Cary had been practicing self-hypnosis prior to the injuries … He put himself into a transcendental state to will the scars from his body. Grant said he entered the shower one day with the scars, put himself into a relaxed state, and left the shower without a mark on his body. Apparently his doctors were amazed. Skeptics might theorize that Grant was just covered in dried-out stage blood from the film – and this was the first time he’d showered in several months.

At Comics Alliance, Chris Sims recounts the number of times Batman–whose unwillingness to take another human life has led him to repeatedly spare even villains like the Joker–has straight-up murdered dudes.

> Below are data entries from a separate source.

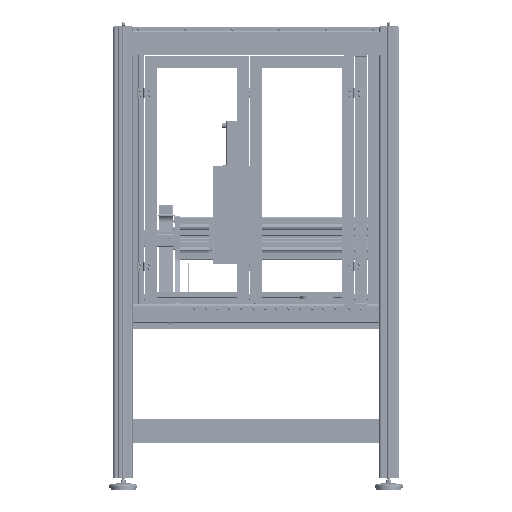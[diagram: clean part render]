
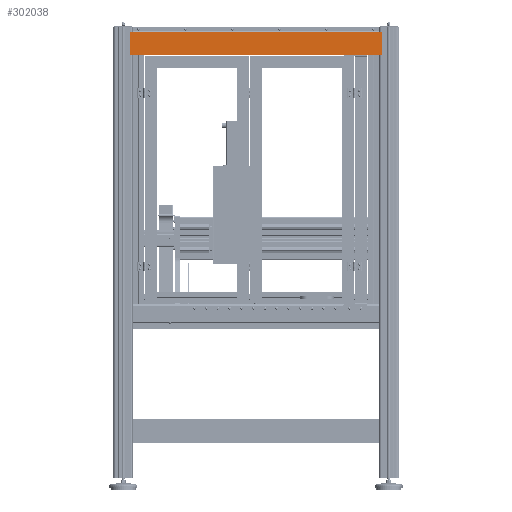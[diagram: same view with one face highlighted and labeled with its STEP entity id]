
A CAD part, top view. The second image highlights one B-rep face of the part: STEP entity #302038.
In plain terms, the highlighted planar face has unit normal (0, 0, 1).
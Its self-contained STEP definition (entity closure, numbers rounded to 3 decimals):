
#11962 = CARTESIAN_POINT ( 'NONE',  ( 524., 1165.9, 475.499 ) ) ;
#18960 = EDGE_CURVE ( 'NONE', #263434, #327722, #556475, .T. ) ;
#34464 = DIRECTION ( 'NONE',  ( 1., 0., 0. ) ) ;
#37686 = CARTESIAN_POINT ( 'NONE',  ( -524., 1069.6, 475.499 ) ) ;
#72675 = CARTESIAN_POINT ( 'NONE',  ( 534., 1165.9, 475.499 ) ) ;
#75725 = CARTESIAN_POINT ( 'NONE',  ( 524., 1165.9, 475.499 ) ) ;
#84397 = DIRECTION ( 'NONE',  ( -1., 0., 0. ) ) ;
#91176 = CARTESIAN_POINT ( 'NONE',  ( 524., 1069.6, 475.499 ) ) ;
#102889 = VERTEX_POINT ( 'NONE', #474192 ) ;
#102990 = ORIENTED_EDGE ( 'NONE', *, *, #543536, .T. ) ;
#117293 = VECTOR ( 'NONE', #547155, 1000. ) ;
#117951 = LINE ( 'NONE', #75725, #117293 ) ;
#125034 = CARTESIAN_POINT ( 'NONE',  ( -524., 1069.6, 475.499 ) ) ;
#125862 = VERTEX_POINT ( 'NONE', #185232 ) ;
#131102 = ORIENTED_EDGE ( 'NONE', *, *, #647053, .T. ) ;
#185232 = CARTESIAN_POINT ( 'NONE',  ( 524., 1069.6, 475.499 ) ) ;
#186410 = VECTOR ( 'NONE', #562644, 1000. ) ;
#187062 = LINE ( 'NONE', #91176, #186410 ) ;
#191953 = LINE ( 'NONE', #610852, #193256 ) ;
#193256 = VECTOR ( 'NONE', #297317, 1000. ) ;
#193334 = EDGE_CURVE ( 'NONE', #125862, #347581, #187062, .T. ) ;
#198795 = EDGE_CURVE ( 'NONE', #102889, #263434, #290984, .T. ) ;
#220255 = PLANE ( 'NONE',  #332582 ) ;
#223994 = ORIENTED_EDGE ( 'NONE', *, *, #639633, .F. ) ;
#228231 = EDGE_LOOP ( 'NONE', ( #663149, #675781, #102990, #131102, #223994, #260608, #362498, #380887 ) ) ;
#233237 = CARTESIAN_POINT ( 'NONE',  ( 534., 1069.6, 475.499 ) ) ;
#236406 = VECTOR ( 'NONE', #282877, 1000. ) ;
#237700 = LINE ( 'NONE', #125034, #236406 ) ;
#260608 = ORIENTED_EDGE ( 'NONE', *, *, #198795, .T. ) ;
#263434 = VERTEX_POINT ( 'NONE', #374299 ) ;
#272825 = DIRECTION ( 'NONE',  ( 1., 0., 0. ) ) ;
#279609 = VERTEX_POINT ( 'NONE', #72675 ) ;
#282877 = DIRECTION ( 'NONE',  ( 1., 0., 0. ) ) ;
#290984 = LINE ( 'NONE', #450688, #292281 ) ;
#292281 = VECTOR ( 'NONE', #84397, 1000. ) ;
#297317 = DIRECTION ( 'NONE',  ( 1., 0., 0. ) ) ;
#302038 = ADVANCED_FACE ( 'NONE', ( #348826 ), #220255, .F. ) ;
#322535 = DIRECTION ( 'NONE',  ( 0., -1., 0. ) ) ;
#327722 = VERTEX_POINT ( 'NONE', #521609 ) ;
#332582 = AXIS2_PLACEMENT_3D ( 'NONE', #375886, #586456, #272825 ) ;
#345623 = CARTESIAN_POINT ( 'NONE',  ( -524., 1069.6, 475.499 ) ) ;
#347581 = VERTEX_POINT ( 'NONE', #558782 ) ;
#348826 = FACE_OUTER_BOUND ( 'NONE', #228231, .T. ) ;
#362498 = ORIENTED_EDGE ( 'NONE', *, *, #18960, .T. ) ;
#374299 = CARTESIAN_POINT ( 'NONE',  ( -534., 1165.9, 475.499 ) ) ;
#375886 = CARTESIAN_POINT ( 'NONE',  ( 524., 1066.5, 475.499 ) ) ;
#380887 = ORIENTED_EDGE ( 'NONE', *, *, #592045, .T. ) ;
#391171 = DIRECTION ( 'NONE',  ( 0., 1., 0. ) ) ;
#398580 = VECTOR ( 'NONE', #34464, 1000. ) ;
#399467 = LINE ( 'NONE', #345623, #398580 ) ;
#427922 = CARTESIAN_POINT ( 'NONE',  ( -534., 1069.6, 475.499 ) ) ;
#448155 = VECTOR ( 'NONE', #391171, 1000. ) ;
#450688 = CARTESIAN_POINT ( 'NONE',  ( -524., 1165.9, 475.499 ) ) ;
#451266 = LINE ( 'NONE', #233237, #448155 ) ;
#474192 = CARTESIAN_POINT ( 'NONE',  ( -524., 1165.9, 475.499 ) ) ;
#521609 = CARTESIAN_POINT ( 'NONE',  ( -534., 1069.6, 475.499 ) ) ;
#543536 = EDGE_CURVE ( 'NONE', #347581, #279609, #451266, .T. ) ;
#547155 = DIRECTION ( 'NONE',  ( -1., 0., 0. ) ) ;
#556475 = LINE ( 'NONE', #427922, #557779 ) ;
#557779 = VECTOR ( 'NONE', #322535, 1000. ) ;
#558782 = CARTESIAN_POINT ( 'NONE',  ( 534., 1069.6, 475.499 ) ) ;
#562644 = DIRECTION ( 'NONE',  ( 1., 0., 0. ) ) ;
#586456 = DIRECTION ( 'NONE',  ( 0., 0., -1. ) ) ;
#592045 = EDGE_CURVE ( 'NONE', #327722, #644687, #237700, .T. ) ;
#610852 = CARTESIAN_POINT ( 'NONE',  ( 524., 1165.9, 475.499 ) ) ;
#611207 = EDGE_CURVE ( 'NONE', #644687, #125862, #399467, .T. ) ;
#639633 = EDGE_CURVE ( 'NONE', #102889, #643382, #191953, .T. ) ;
#643382 = VERTEX_POINT ( 'NONE', #11962 ) ;
#644687 = VERTEX_POINT ( 'NONE', #37686 ) ;
#647053 = EDGE_CURVE ( 'NONE', #279609, #643382, #117951, .T. ) ;
#663149 = ORIENTED_EDGE ( 'NONE', *, *, #611207, .T. ) ;
#675781 = ORIENTED_EDGE ( 'NONE', *, *, #193334, .T. ) ;

Noel Murray’s A.V. Club post about Simpsons episode “22 Short Films About Springfield” is full of quick insights into parody, reference-dropping, the shelf life of comedy, and more. The episode itself is always the first thing that comes to mind when I think about when The Simpsons was really good, and one of the first things that comes to mind when thinking about how because of The Simpsons, I encountered a great number of western popular culture’s most enduring works via parody before ever seeing or reading the real deals. It also probably marks the first time I saw a ball gag.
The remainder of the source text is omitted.